Content starts

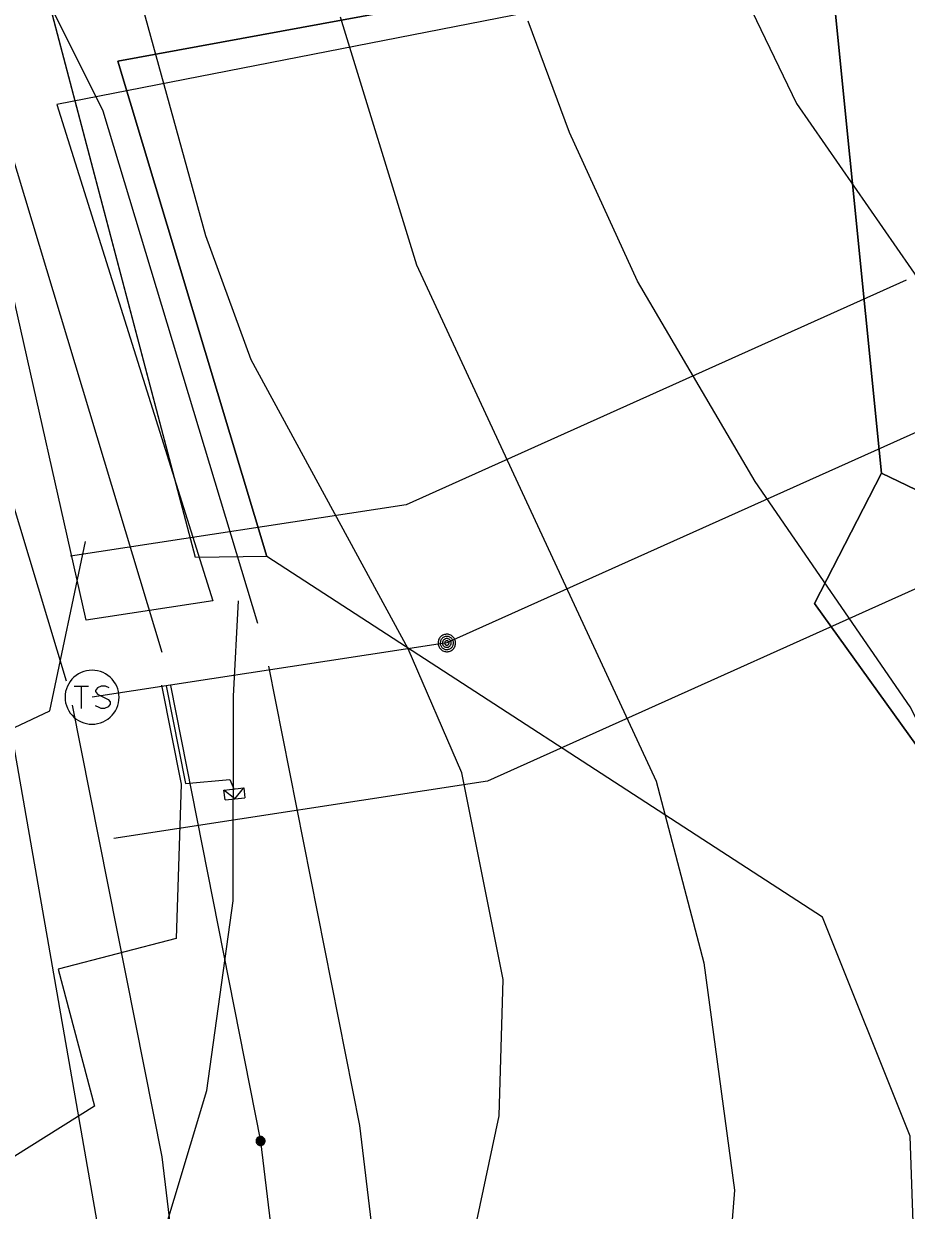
# Model space of a CAD drawing. Extents: x -709418 to -703832, y -1161719 to -1157826.
# Drawn here: x -706997.3 to -706935.5, y -1160296.9 to -1160213.8 of the extents above; entities that cross this region are included whole.
import ezdxf

# ---------------------------------------------------------------- set-up
doc = ezdxf.new("R2010")
doc.units = 0
for name, color, linetype in [('102_obvod PÚ', 7, 'Continuous'), ('106_zastavitelné plochy', 7, 'Continuous'), ('110_silnice II. třídy a III. třídy', 7, 'Continuous'), ('120_vrstevnice hlavní', 7, 'Continuous'), ('122_vrstevnice základní', 7, 'Continuous'), ('206_TTP_KN', 7, 'Continuous'), ('207_lesní pozemek_KN', 7, 'Continuous'), ('210_ostatní plocha_KN', 7, 'Continuous'), ('705_el VN nadzemní_E.ON', 7, 'Continuous'), ('708_el NN nadzemní a podzemní_ E.ON', 7, 'Continuous'), ('735_OP sítí TI', 7, 'Continuous')]:
    doc.layers.add(name, color=color, linetype=linetype)

# ---------------------------------------------------------------- blocks, each defined once
blk = doc.blocks.new('Elektro - Implicitní$0$NN4601')
for points in [[(0.63, 0), (0.62, 0.07), (0.61, 0.13), (0.6, 0.2), (0.57, 0.26), (0.54, 0.32), (0.51, 0.37), (0.47, 0.42), (0.42, 0.47), (0.37, 0.51), (0.31, 0.55), (0.25, 0.58), (0.19, 0.6), (0.13, 0.62), (0.06, 0.63), (0, 0.63), (-0.07, 0.63), (-0.13, 0.62), (-0.2, 0.6), (-0.26, 0.58), (-0.32, 0.55), (-0.37, 0.51), (-0.42, 0.47), (-0.47, 0.42), (-0.51, 0.37), (-0.55, 0.32), (-0.58, 0.26), (-0.6, 0.2), (-0.62, 0.13), (-0.63, 0.07), (-0.63, 0), (-0.63, -0.07), (-0.62, -0.13), (-0.6, -0.19), (-0.58, -0.26), (-0.55, -0.31), (-0.51, -0.37), (-0.47, -0.42), (-0.42, -0.47), (-0.37, -0.51), (-0.32, -0.54), (-0.26, -0.57), (-0.2, -0.6), (-0.13, -0.62), (-0.07, -0.63), (0, -0.63), (0.06, -0.63), (0.13, -0.62), (0.19, -0.6), (0.25, -0.57), (0.31, -0.54), (0.37, -0.51), (0.42, -0.47), (0.47, -0.42), (0.51, -0.37), (0.54, -0.31), (0.57, -0.26), (0.6, -0.19), (0.61, -0.13), (0.62, -0.07), (0.63, 0)], [(0.47, 0), (0.47, 0.05), (0.46, 0.1), (0.45, 0.15), (0.43, 0.19), (0.41, 0.24), (0.38, 0.28), (0.35, 0.32), (0.31, 0.35), (0.28, 0.38), (0.23, 0.41), (0.19, 0.43), (0.14, 0.45), (0.1, 0.46), (0.05, 0.47), (0, 0.47), (-0.05, 0.47), (-0.1, 0.46), (-0.15, 0.45), (-0.19, 0.43), (-0.24, 0.41), (-0.28, 0.38), (-0.32, 0.35), (-0.35, 0.32), (-0.38, 0.28), (-0.41, 0.24), (-0.43, 0.19), (-0.45, 0.15), (-0.46, 0.1), (-0.47, 0.05), (-0.47, 0), (-0.47, -0.05), (-0.46, -0.1), (-0.45, -0.15), (-0.43, -0.19), (-0.41, -0.24), (-0.38, -0.28), (-0.35, -0.32), (-0.32, -0.35), (-0.28, -0.38), (-0.24, -0.41), (-0.19, -0.43), (-0.15, -0.45), (-0.1, -0.46), (-0.05, -0.47), (0, -0.47), (0.05, -0.47), (0.1, -0.46), (0.14, -0.45), (0.19, -0.43), (0.23, -0.41), (0.28, -0.38), (0.31, -0.35), (0.35, -0.32), (0.38, -0.28), (0.41, -0.24), (0.43, -0.19), (0.45, -0.15), (0.46, -0.1), (0.47, -0.05), (0.47, 0)], [(0.31, 0), (0.31, 0.03), (0.31, 0.07), (0.3, 0.1), (0.29, 0.13), (0.27, 0.16), (0.25, 0.19), (0.23, 0.21), (0.21, 0.23), (0.18, 0.26), (0.15, 0.27), (0.13, 0.29), (0.09, 0.3), (0.06, 0.31), (0.03, 0.31), (0, 0.32), (-0.04, 0.31), (-0.07, 0.31), (-0.1, 0.3), (-0.13, 0.29), (-0.16, 0.27), (-0.19, 0.26), (-0.21, 0.23), (-0.24, 0.21), (-0.26, 0.19), (-0.28, 0.16), (-0.29, 0.13), (-0.3, 0.1), (-0.31, 0.07), (-0.32, 0.03), (-0.32, 0), (-0.32, -0.03), (-0.31, -0.06), (-0.3, -0.1), (-0.29, -0.13), (-0.28, -0.16), (-0.26, -0.18), (-0.24, -0.21), (-0.21, -0.23), (-0.19, -0.25), (-0.16, -0.27), (-0.13, -0.29), (-0.1, -0.3), (-0.07, -0.31), (-0.04, -0.31), (0, -0.31), (0.03, -0.31), (0.06, -0.31), (0.09, -0.3), (0.13, -0.29), (0.15, -0.27), (0.18, -0.25), (0.21, -0.23), (0.23, -0.21), (0.25, -0.18), (0.27, -0.16), (0.29, -0.13), (0.3, -0.1), (0.31, -0.06), (0.31, -0.03), (0.31, 0)], [(0.15, 0), (0.15, 0.02), (0.15, 0.03), (0.15, 0.05), (0.14, 0.06), (0.13, 0.08), (0.13, 0.09), (0.11, 0.11), (0.1, 0.12), (0.09, 0.13), (0.08, 0.14), (0.06, 0.14), (0.05, 0.15), (0.03, 0.15), (0.01, 0.16), (0, 0.16), (-0.02, 0.16), (-0.04, 0.15), (-0.05, 0.15), (-0.07, 0.14), (-0.08, 0.14), (-0.09, 0.13), (-0.11, 0.12), (-0.12, 0.11), (-0.13, 0.09), (-0.14, 0.08), (-0.15, 0.06), (-0.15, 0.05), (-0.16, 0.03), (-0.16, 0.02), (-0.16, 0), (-0.16, -0.02), (-0.16, -0.03), (-0.15, -0.05), (-0.15, -0.06), (-0.14, -0.08), (-0.13, -0.09), (-0.12, -0.1), (-0.11, -0.12), (-0.09, -0.13), (-0.08, -0.14), (-0.07, -0.14), (-0.05, -0.15), (-0.04, -0.15), (-0.02, -0.16), (0, -0.16), (0.01, -0.16), (0.03, -0.15), (0.05, -0.15), (0.06, -0.14), (0.08, -0.14), (0.09, -0.13), (0.1, -0.12), (0.11, -0.1), (0.13, -0.09), (0.13, -0.08), (0.14, -0.06), (0.15, -0.05), (0.15, -0.03), (0.15, -0.02), (0.15, 0)]]:
    blk.add_lwpolyline(points)
blk = doc.blocks.new('Elektro - Implicitní$0$NN6301')
for points in [[(-0.003, -0.7), (-0.703, 0)], [(-0.703, -0.7), (-0.703, 0), (0.697, 0), (0.697, -0.7)], [(-0.703, -0.7), (0.697, -0.7)], [(-0.003, -0.7), (0.697, 0)]]:
    blk.add_lwpolyline(points)
blk = doc.blocks.new('Elektro - Implicitní$0$VN4601')
for points in [[(1.23, 0), (1.22, 0.13), (1.2, 0.26), (1.17, 0.38), (1.12, 0.5), (1.06, 0.61), (0.99, 0.72), (0.91, 0.82), (0.82, 0.91), (0.72, 0.99), (0.61, 1.06), (0.5, 1.12), (0.38, 1.17), (0.26, 1.2), (0.13, 1.22), (0, 1.23), (-0.13, 1.22), (-0.26, 1.2), (-0.38, 1.17), (-0.5, 1.12), (-0.61, 1.06), (-0.72, 0.99), (-0.82, 0.91), (-0.91, 0.82), (-0.99, 0.72), (-1.06, 0.61), (-1.12, 0.5), (-1.17, 0.38), (-1.2, 0.26), (-1.22, 0.13), (-1.23, 0), (-1.22, -0.13), (-1.2, -0.26), (-1.17, -0.38), (-1.12, -0.5), (-1.06, -0.61), (-0.99, -0.72), (-0.91, -0.82), (-0.82, -0.91), (-0.72, -0.99), (-0.61, -1.06), (-0.5, -1.12), (-0.38, -1.17), (-0.26, -1.2), (-0.13, -1.22), (0, -1.23), (0.13, -1.22), (0.26, -1.2), (0.38, -1.17), (0.5, -1.12), (0.61, -1.06), (0.72, -0.99), (0.82, -0.91), (0.91, -0.82), (0.99, -0.72), (1.06, -0.61), (1.12, -0.5), (1.17, -0.38), (1.2, -0.26), (1.22, -0.13), (1.23, 0)], [(0.92, 0), (0.92, 0.1), (0.9, 0.19), (0.88, 0.28), (0.84, 0.37), (0.8, 0.46), (0.75, 0.54), (0.68, 0.62), (0.62, 0.68), (0.54, 0.74), (0.46, 0.8), (0.37, 0.84), (0.28, 0.88), (0.19, 0.9), (0.1, 0.92), (0, 0.92), (-0.1, 0.92), (-0.19, 0.9), (-0.28, 0.88), (-0.37, 0.84), (-0.46, 0.8), (-0.54, 0.74), (-0.62, 0.68), (-0.68, 0.62), (-0.75, 0.54), (-0.8, 0.46), (-0.84, 0.37), (-0.88, 0.28), (-0.9, 0.19), (-0.92, 0.1), (-0.92, 0), (-0.92, -0.1), (-0.9, -0.19), (-0.88, -0.29), (-0.84, -0.38), (-0.8, -0.46), (-0.75, -0.54), (-0.68, -0.62), (-0.62, -0.69), (-0.54, -0.75), (-0.46, -0.8), (-0.37, -0.84), (-0.28, -0.88), (-0.19, -0.9), (-0.1, -0.92), (0, -0.92), (0.1, -0.92), (0.19, -0.9), (0.28, -0.88), (0.37, -0.84), (0.46, -0.8), (0.54, -0.75), (0.62, -0.69), (0.68, -0.62), (0.75, -0.54), (0.8, -0.46), (0.84, -0.38), (0.88, -0.29), (0.9, -0.19), (0.92, -0.1), (0.92, 0)], [(0.61, 0), (0.61, 0.06), (0.6, 0.13), (0.58, 0.19), (0.56, 0.25), (0.53, 0.31), (0.5, 0.36), (0.46, 0.41), (0.41, 0.46), (0.36, 0.5), (0.31, 0.53), (0.25, 0.56), (0.19, 0.58), (0.13, 0.6), (0.06, 0.61), (0, 0.61), (-0.06, 0.61), (-0.13, 0.6), (-0.19, 0.58), (-0.25, 0.56), (-0.31, 0.53), (-0.36, 0.5), (-0.41, 0.46), (-0.46, 0.41), (-0.5, 0.36), (-0.53, 0.31), (-0.56, 0.25), (-0.58, 0.19), (-0.6, 0.13), (-0.61, 0.06), (-0.61, 0), (-0.61, -0.07), (-0.6, -0.13), (-0.58, -0.19), (-0.56, -0.25), (-0.53, -0.31), (-0.5, -0.36), (-0.46, -0.41), (-0.41, -0.46), (-0.36, -0.5), (-0.31, -0.53), (-0.25, -0.56), (-0.19, -0.58), (-0.13, -0.6), (-0.06, -0.61), (0, -0.61), (0.06, -0.61), (0.13, -0.6), (0.19, -0.58), (0.25, -0.56), (0.31, -0.53), (0.36, -0.5), (0.41, -0.46), (0.46, -0.41), (0.5, -0.36), (0.53, -0.31), (0.56, -0.25), (0.58, -0.19), (0.6, -0.13), (0.61, -0.06), (0.61, 0)], [(0.31, 0), (0.31, 0.03), (0.3, 0.06), (0.29, 0.09), (0.28, 0.12), (0.27, 0.15), (0.25, 0.18), (0.23, 0.21), (0.21, 0.23), (0.18, 0.25), (0.15, 0.27), (0.12, 0.28), (0.09, 0.29), (0.06, 0.3), (0.03, 0.31), (0, 0.31), (-0.03, 0.31), (-0.06, 0.3), (-0.09, 0.29), (-0.12, 0.28), (-0.15, 0.27), (-0.18, 0.25), (-0.21, 0.23), (-0.23, 0.21), (-0.25, 0.18), (-0.27, 0.15), (-0.28, 0.12), (-0.29, 0.09), (-0.3, 0.06), (-0.31, 0.03), (-0.31, 0), (-0.31, -0.03), (-0.3, -0.06), (-0.29, -0.1), (-0.28, -0.13), (-0.27, -0.15), (-0.25, -0.18), (-0.23, -0.21), (-0.21, -0.23), (-0.18, -0.25), (-0.15, -0.27), (-0.12, -0.28), (-0.09, -0.29), (-0.06, -0.3), (-0.03, -0.31), (0, -0.31), (0.03, -0.31), (0.06, -0.3), (0.09, -0.29), (0.12, -0.28), (0.15, -0.27), (0.18, -0.25), (0.21, -0.23), (0.23, -0.21), (0.25, -0.18), (0.27, -0.15), (0.28, -0.13), (0.29, -0.1), (0.3, -0.06), (0.31, -0.03), (0.31, 0)]]:
    blk.add_lwpolyline(points)
blk = doc.blocks.new('Elektro - Implicitní$0$VN6101')
for points in [[(1.883, -0.001), (1.872, 0.196), (1.841, 0.392), (1.79, 0.583), (1.718, 0.768), (1.629, 0.943), (1.521, 1.109), (1.397, 1.263), (1.257, 1.403), (1.103, 1.527), (0.937, 1.635), (0.761, 1.725), (0.577, 1.796), (0.385, 1.847), (0.19, 1.878), (-0.007, 1.889), (-0.205, 1.878), (-0.401, 1.847), (-0.591, 1.796), (-0.777, 1.725), (-0.952, 1.635), (-1.118, 1.527), (-1.272, 1.403), (-1.412, 1.263), (-1.536, 1.109), (-1.644, 0.943), (-1.734, 0.768), (-1.805, 0.583), (-1.856, 0.392), (-1.887, 0.196), (-1.898, -0.001), (-1.887, -0.199), (-1.856, -0.395), (-1.805, -0.585), (-1.734, -0.77), (-1.644, -0.946), (-1.536, -1.112), (-1.411, -1.266), (-1.272, -1.405), (-1.118, -1.53), (-0.952, -1.638), (-0.776, -1.728), (-0.591, -1.799), (-0.401, -1.85), (-0.205, -1.881), (-0.007, -1.892), (0.19, -1.881), (0.385, -1.85), (0.577, -1.799), (0.761, -1.728), (0.937, -1.638), (1.103, -1.53), (1.257, -1.405), (1.397, -1.266), (1.521, -1.112), (1.629, -0.946), (1.718, -0.77), (1.79, -0.585), (1.841, -0.395), (1.872, -0.199), (1.883, -0.001)], [(-1.269, 0.782), (-0.261, 0.782)], [(-0.765, 0.782), (-0.765, -0.792)], [(1.188, 0.656), (0.936, 0.782), (0.621, 0.782), (0.369, 0.656), (0.243, 0.468), (0.243, 0.404), (0.369, 0.216), (1.125, -0.162), (1.251, -0.32), (1.251, -0.478), (1.125, -0.666), (0.873, -0.792), (0.621, -0.792), (0.495, -0.73), (0.243, -0.604)]]:
    blk.add_lwpolyline(points)

msp = doc.modelspace()

# ---------------------------------------------------------------- linework, layer by layer
at = {"layer": '102_obvod PÚ'}
msp.add_lwpolyline([(-706882.16, -1160431.19), (-706870.85, -1160382.1), (-706903.67, -1160380.96), (-706910.74, -1160379.39), (-706910.27, -1160374.71), (-706903.78, -1160318.12), (-706934.28, -1160319.9), (-706935.26, -1160291.69), (-706941.39, -1160276.35), (-706980.28, -1160251.09), (-706985.28, -1160251.16), (-706996.77, -1160207.56)], dxfattribs=at)
at = {"layer": '106_zastavitelné plochy'}
msp.add_lwpolyline([(-706977.941, -1160057.927), (-706932.264, -1160207.164), (-706994.985, -1160219.43), (-706984.077, -1160254.184), (-706992.939, -1160255.547), (-707003.847, -1160207.164), (-707035.208, -1160149.923), (-707038.616, -1160124.709), (-707027.708, -1160128.116), (-707025.663, -1160065.423), (-706977.941, -1160057.927)], dxfattribs=at)
at = {"layer": '110_silnice II. třídy a III. třídy'}
msp.add_lwpolyline([(-707032.373, -1160169.9), (-707001.997, -1160241.696), (-706986.568, -1160329.876), (-706984.165, -1160358.647), (-706995.737, -1160401.051), (-707031.416, -1160441.527), (-707063.239, -1160500.313)], dxfattribs=at)
at = {"layer": '120_vrstevnice hlavní'}
msp.add_lwpolyline([(-707032.347, -1160302.26), (-707030.278, -1160309.278), (-707025.787, -1160309.505), (-707023.047, -1160321.455), (-707020.818, -1160328.975), (-707017.91, -1160335.506), (-707014.134, -1160339.385), (-707010.819, -1160340.429), (-707007.988, -1160340.301), (-707004.626, -1160337.849), (-707001.556, -1160332.398), (-706998.598, -1160324.961), (-706994.959, -1160302.144), (-706987.929, -1160299.884), (-706984.501, -1160288.481), (-706982.658, -1160275.19), (-706982.631, -1160260.876), (-706982.276, -1160254.189)], dxfattribs=at)
at = {"layer": '122_vrstevnice základní'}
for points in [[(-707171.932, -1160185.318), (-707152.934, -1160198.252), (-707146.135, -1160201.869), (-707136.01, -1160205.195), (-707123.86, -1160207.51), (-707111.71, -1160210.692), (-707101.585, -1160214.163), (-707087.41, -1160220.238), (-707070.486, -1160230.508), (-707058.191, -1160240.199), (-707044.083, -1160256.431), (-707033.93, -1160269.225), (-707029.682, -1160275.278), (-707025.1, -1160281.335), (-707020.667, -1160286.058), (-707017.027, -1160287.773), (-707012.11, -1160288.363), (-707005.706, -1160288.092), (-707003.179, -1160285.961), (-707001.467, -1160282.487), (-707001.218, -1160276.328), (-707001.691, -1160264.81), (-706995.489, -1160261.896), (-706992.996, -1160250.04)], [(-706951.01, -1160203.171), (-706943.199, -1160219.371), (-706929.168, -1160239.621), (-706912.101, -1160260.739), (-706904.579, -1160273.757), (-706902.698, -1160278.096), (-706900.095, -1160286.775), (-706899.372, -1160295.454), (-706900.239, -1160299.214), (-706902.409, -1160304.132), (-706905.881, -1160310.931), (-706913.113, -1160322.936), (-706939.224, -1160369.61), (-706940.479, -1160373.378), (-706953.18, -1160392.365), (-706962.581, -1160412.037)], [(-706966.053, -1160299.793), (-706964.028, -1160290.246), (-706963.738, -1160280.7), (-706966.631, -1160266.236), (-706970.392, -1160257.557), (-706981.385, -1160237.307), (-706984.567, -1160228.628), (-706989.341, -1160211.271)], [(-706975.166, -1160213.296), (-706969.813, -1160230.653), (-706953.035, -1160266.814), (-706949.708, -1160279.543), (-706947.538, -1160295.454), (-706948.551, -1160308.182), (-706951.01, -1160317.729), (-706953.324, -1160324.093), (-706969.853, -1160362.828), (-706970.355, -1160367.601), (-706979.263, -1160377.47), (-706981.86, -1160385.083), (-706982.354, -1160397.047), (-706984.197, -1160415.692), (-706989.188, -1160415.957), (-706994.937, -1160423.029), (-707001.145, -1160427.268), (-707004.661, -1160429.049), (-707007.482, -1160428.679), (-707009.12, -1160426.828), (-707009.403, -1160423.166), (-707009.558, -1160420.551)], [(-706973.613, -1160404.171), (-706969.744, -1160391.855), (-706964.266, -1160379.964), (-706956.798, -1160368.605), (-706956.547, -1160364.335), (-706946.67, -1160342.608), (-706932.64, -1160319.465), (-706925.263, -1160302.107), (-706924.251, -1160296.322), (-706924.395, -1160290.536), (-706926.276, -1160281.857), (-706929.313, -1160273.178), (-706935.244, -1160261.607), (-706946.092, -1160245.84), (-706954.337, -1160231.81), (-706959.11, -1160221.396), (-706962.003, -1160213.585)]]:
    msp.add_lwpolyline(points, dxfattribs=at)
at = {"layer": '206_TTP_KN'}
for p, q in [((-706990.73, -1160216.4), (-706941.07, -1160207.27)), ((-706941.07, -1160207.27), (-706937.25, -1160245.26)), ((-706980.28, -1160251.09), (-706990.73, -1160216.4)), ((-706937.25, -1160245.26), (-706941.94, -1160254.37)), ((-706941.94, -1160254.37), (-706937.25, -1160245.26)), ((-706937.25, -1160245.26), (-706901.3, -1160262.53)), ((-706941.39, -1160276.35), (-706980.28, -1160251.09)), ((-706941.94, -1160254.37), (-706925.69, -1160277.06)), ((-706925.69, -1160277.06), (-706941.94, -1160254.37)), ((-706935.26, -1160291.69), (-706941.39, -1160276.35))]:
    msp.add_line(p, q, dxfattribs=at)
at = {"layer": '207_lesní pozemek_KN'}
for p, q in [((-706937.25, -1160245.26), (-706941.07, -1160207.27)), ((-706901.3, -1160262.53), (-706937.25, -1160245.26))]:
    msp.add_line(p, q, dxfattribs=at)
at = {"layer": '210_ostatní plocha_KN'}
for p, q in [((-706941.07, -1160207.27), (-706990.73, -1160216.4)), ((-706985.28, -1160251.16), (-706996.77, -1160207.56)), ((-706990.73, -1160216.4), (-706980.28, -1160251.09)), ((-706980.28, -1160251.09), (-706985.28, -1160251.16))]:
    msp.add_line(p, q, dxfattribs=at)
at = {"layer": '705_el VN nadzemní_E.ON'}
for points in [[(-706935.527, -1160231.728), (-706970.547, -1160247.46), (-706994.032, -1160251.055)], [(-706931.429, -1160240.85), (-706967.689, -1160257.14), (-706992.519, -1160260.94)], [(-706927.331, -1160249.971), (-706964.832, -1160266.819), (-706991.007, -1160270.825)]]:
    msp.add_lwpolyline(points, dxfattribs=at)
at = {"layer": '708_el NN nadzemní a podzemní_ E.ON'}
for points in [[(-706987.622, -1160257.8), (-706998.27, -1160222.49), (-707012.55, -1160193.86), (-707027.865, -1160166.884)], [(-706987.662, -1160260.085), (-706986.29, -1160267.017), (-706986.64, -1160277.83), (-706994.91, -1160279.98), (-706992.35, -1160289.57), (-707001.34, -1160295.21), (-707028.012, -1160285.807), (-707031.89, -1160285.87), (-707031.89, -1160286.951)], [(-706987.043, -1160260.126), (-706980.73, -1160292.02), (-706977.21, -1160321.28), (-706974.8, -1160346.32), (-706977.015, -1160378.23), (-706979.23, -1160410.14), (-706982.84, -1160439.5), (-706989.08, -1160463.78)], [(-706987.345, -1160260.147), (-706985.993, -1160266.972), (-706982.89, -1160266.69), (-706982.6, -1160267.36)]]:
    msp.add_lwpolyline(points, dxfattribs=at)
at = {"layer": '735_OP sítí TI'}
for points in [[(-706980.92, -1160255.779), (-706991.74, -1160219.899), (-707006.37, -1160190.567), (-707021.778, -1160163.428)], [(-706994.324, -1160259.821), (-707004.8, -1160225.081), (-707018.73, -1160197.153), (-707033.952, -1160170.34)], [(-706980.176, -1160258.767), (-706973.812, -1160290.921), (-706970.25, -1160320.527), (-706967.777, -1160346.226), (-706970.032, -1160378.715), (-706972.26, -1160410.81), (-706975.948, -1160440.804), (-706982.3, -1160465.522)], [(-706993.91, -1160261.485), (-706987.648, -1160293.119), (-706984.17, -1160322.033), (-706981.823, -1160346.414), (-706983.998, -1160377.745), (-706986.2, -1160409.47), (-706989.732, -1160438.196), (-706995.86, -1160462.038)]]:
    msp.add_lwpolyline(points, dxfattribs=at)

# ---------------------------------------------------------------- block references
at = {"layer": '705_el VN nadzemní_E.ON', "xscale": 0.5, "yscale": 0.5, "rotation": 15.90160549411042}
msp.add_blockref('Elektro - Implicitní$0$VN4601', (-706967.689, -1160257.14), dxfattribs=at)
at = {"layer": '705_el VN nadzemní_E.ON'}
msp.add_blockref('Elektro - Implicitní$0$VN6101', (-706992.519, -1160260.94), dxfattribs=at)
at = {"layer": '708_el NN nadzemní a podzemní_ E.ON', "rotation": 6.629408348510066}
msp.add_blockref('Elektro - Implicitní$0$NN6301', (-706982.6, -1160267.36), dxfattribs=at)
at = {"layer": '708_el NN nadzemní a podzemní_ E.ON', "xscale": 0.5, "yscale": 0.5, "rotation": -78.80366388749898}
msp.add_blockref('Elektro - Implicitní$0$NN4601', (-706980.73, -1160292.02), dxfattribs=at)

doc.saveas('drawing.dxf')

Content ends

== AIM OF THE TASK ==
Using the entries above, give again exactly the lines from the line holding "doc.layers.add(name, color=color, linetype=linetype)" through the line holding "blk = doc.blocks.new('Elektro - Implicitní$0$NN4601')". Include both end lines and nothing else.

== RESPONSE FOR THIS EXERCISE ==
    doc.layers.add(name, color=color, linetype=linetype)

# ---------------------------------------------------------------- blocks, each defined once
blk = doc.blocks.new('Elektro - Implicitní$0$NN4601')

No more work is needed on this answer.